Carmakers refrain from price hike despite surge in key input costs


Photo: Bloomberg

Photo: Bloomberg


  Car buyers have a reason to cheer — at least temporarily. In a departure from the previous trend, majority of passenger vehicle makers have refrained from going for an immediate price hike even as prices of key raw materials including steel, aluminium, copper, have risen sharply in the recent past. This, despite most companies seeing a good volume run, which in turn give them enough power to hike prices. 


Passenger vehicles sales in India rose 7.8 per cent to 3.2 million in 2018-19, according to Society of Indian Automobile Manufacturer (Siam). But most including volume carmakers Maruti Suzuki India and Hyundai Motor India have chosen to absorb input cost increase for the time being. 

Price changes in the car market are governed by the price leader. Maruti, the maker of Baleno and Brezza models, hasn’t increased car prices yet, setting precedence.

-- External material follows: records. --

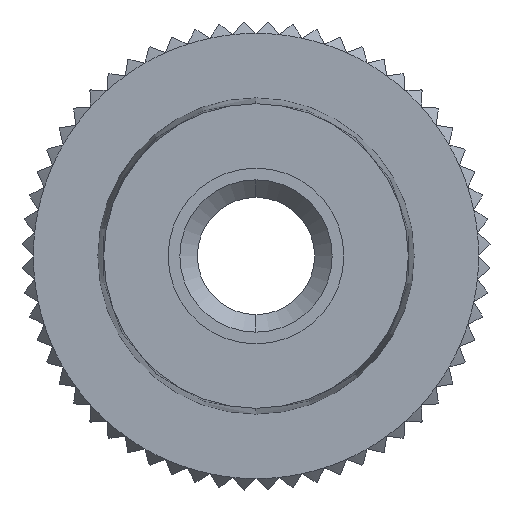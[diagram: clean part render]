
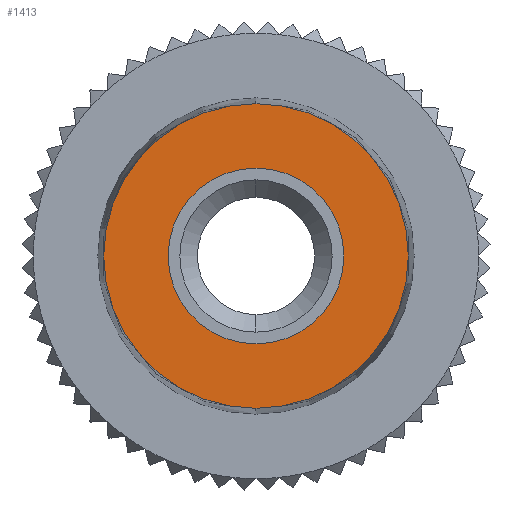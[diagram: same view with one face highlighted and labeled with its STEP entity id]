
A CAD part, front view. The second image highlights one B-rep face of the part: STEP entity #1413.
In plain terms, the highlighted planar face has unit normal (0, -1, 0).
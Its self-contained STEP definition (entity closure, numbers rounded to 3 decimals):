
#1413 = ADVANCED_FACE ( 'NONE', ( #5577, #5579 ), #5573, .T. ) ;
#1414 = EDGE_LOOP ( 'NONE', ( #1415, #1417 ) ) ;
#1415 = ORIENTED_EDGE ( 'NONE', *, *, #1416, .F. ) ;
#1416 = EDGE_CURVE ( 'NONE', #2929, #5318, #5630, .T. ) ;
#1417 = ORIENTED_EDGE ( 'NONE', *, *, #2804, .F. ) ;
#1418 = EDGE_LOOP ( 'NONE', ( #1419, #1421 ) ) ;
#1419 = ORIENTED_EDGE ( 'NONE', *, *, #1420, .T. ) ;
#1420 = EDGE_CURVE ( 'NONE', #8474, #8476, #5625, .T. ) ;
#1421 = ORIENTED_EDGE ( 'NONE', *, *, #8471, .T. ) ;
#2804 = EDGE_CURVE ( 'NONE', #5318, #2929, #7139, .T. ) ;
#2929 = VERTEX_POINT ( 'NONE', #7135 ) ;
#5318 = VERTEX_POINT ( 'NONE', #7230 ) ;
#5354 = DIRECTION ( 'NONE',  ( 0., 0., -1. ) ) ;
#5355 = AXIS2_PLACEMENT_3D ( 'NONE', #5358, #5357, #5354 ) ;
#5357 = DIRECTION ( 'NONE',  ( 0., -1., 0. ) ) ;
#5358 = CARTESIAN_POINT ( 'NONE',  ( 0., 0., 0. ) ) ;
#5573 = PLANE ( 'NONE',  #5355 ) ;
#5577 = FACE_BOUND ( 'NONE', #1414, .T. ) ;
#5579 = FACE_OUTER_BOUND ( 'NONE', #1418, .T. ) ;
#5621 = DIRECTION ( 'NONE',  ( 0., 0., -1. ) ) ;
#5622 = DIRECTION ( 'NONE',  ( 0., -1., 0. ) ) ;
#5623 = CARTESIAN_POINT ( 'NONE',  ( 0., 0., 0. ) ) ;
#5624 = AXIS2_PLACEMENT_3D ( 'NONE', #5623, #5622, #5621 ) ;
#5625 = CIRCLE ( 'NONE', #5624, 6.5 ) ;
#5626 = DIRECTION ( 'NONE',  ( 0., 0., -1. ) ) ;
#5627 = DIRECTION ( 'NONE',  ( 0., -1., 0. ) ) ;
#5628 = CARTESIAN_POINT ( 'NONE',  ( 0., 0., 0. ) ) ;
#5629 = AXIS2_PLACEMENT_3D ( 'NONE', #5628, #5627, #5626 ) ;
#5630 = CIRCLE ( 'NONE', #5629, 3.75 ) ;
#7135 = CARTESIAN_POINT ( 'NONE',  ( 0., 0., -3.75 ) ) ;
#7136 = DIRECTION ( 'NONE',  ( 0., 0., -1. ) ) ;
#7137 = DIRECTION ( 'NONE',  ( 0., -1., 0. ) ) ;
#7138 = AXIS2_PLACEMENT_3D ( 'NONE', #7145, #7137, #7136 ) ;
#7139 = CIRCLE ( 'NONE', #7138, 3.75 ) ;
#7145 = CARTESIAN_POINT ( 'NONE',  ( 0., 0., 0. ) ) ;
#7230 = CARTESIAN_POINT ( 'NONE',  ( 0., 0., 3.75 ) ) ;
#7551 = CARTESIAN_POINT ( 'NONE',  ( 0., 0., -6.5 ) ) ;
#7552 = CARTESIAN_POINT ( 'NONE',  ( 0., 0., 6.5 ) ) ;
#7553 = DIRECTION ( 'NONE',  ( 0., 0., -1. ) ) ;
#7554 = DIRECTION ( 'NONE',  ( 0., -1., 0. ) ) ;
#7555 = CARTESIAN_POINT ( 'NONE',  ( 0., 0., 0. ) ) ;
#7556 = AXIS2_PLACEMENT_3D ( 'NONE', #7555, #7554, #7553 ) ;
#7557 = CIRCLE ( 'NONE', #7556, 6.5 ) ;
#8471 = EDGE_CURVE ( 'NONE', #8476, #8474, #7557, .T. ) ;
#8474 = VERTEX_POINT ( 'NONE', #7552 ) ;
#8476 = VERTEX_POINT ( 'NONE', #7551 ) ;

January was the last month when Maruti and others increased prices as they entered the new model year.

Prices of hot-rolled (HR) steel has gone up 7.2 per cent from the March quarter till date, aluminium and nickel have gone up 19.4 per cent and 5.2 per cent, respectively, in the same period, according to Bloomberg. For the full year ended March, prices of HR steel and aluminium have gone up 22 per cent and 2.6 per cent, respectively, over a year ago-period.

Carmakers refrain from price hike despite surge in key input costs



In an earnings call earlier this month, Ajay Seth, chief financial officer at Maruti said even as increasing commodity prices have been bothering for some time, the company would go for a price increase only when it’s a must. So far, cost control measures coupled with a better product mix - higher contribution of pricier models in its overall sales mix - has helped the company keep prices in check. “We do not want to exploit this opportunity just because customers like our vehicles and there is a waiting time,” said Seth, adding, “We go for a price increase only if it becomes extremely necessary.”

Hyundai, the second-largest carmaker in India, and Honda Cars India also have not passed on the effects of commodity price increase. Rakesh Srivastava, director sales and marketing at Hyundai India, declined to comment. A spokesperson at Honda also declined to comment. 

The only companies in the mass segment that have passed on the cost increase are Tata Motors, which took a price hike of up to Rs 60,00 across its product line up last month, and Mahindra & Mahindra that has announced hiking prices by 1.43 percentage points across the range.

“It’s a fine balance between demand and profitability. While everyone has their own reason to hike prices or not, most are refraining because there is momentum on the ground, and companies are looking at profitability through volume rather than just pricing,” said Veejay Nakra, senior vice-president, sales and marketing, automotive sector, Mahindra & Mahindra. He said M&M tried striking a balance between the two by taking a small hike of 1.5 per cent across its passenger vehicle models. 

Toyota Kirloskar Motor, too, has increased prices but for a different reason. This is to offset the increase in Customs duty on completely-knocked-down kits. N Raja, deputy managing director, Toyota Kirloskar, said, “With monsoon setting in, the June quarter is typically slow. We can’t take frequent price increases and disturb the apple cart that is why most of the manufacturers are holding back price hikes.”  

Mahantesh Sabarad, head retail research at SBICAP Securities, said price change is also a function of the level of inventory at a company. The best time to increase prices is not when there is high demand because you end up disturbing volumes; you do it when there is low demand. “The principle of economics doesn’t always work in real market condition,” he said, adding that a price hike in a slow market induces demand as people tend to advance purchase to avail discounts on the billed amount. 

Both Maruti and Hyundai are operating at optimal capacity utilisation and low inventory levels, this has helped these companies control and absorb costs said Hitesh Goel, analyst at Kotak Institutional Equities.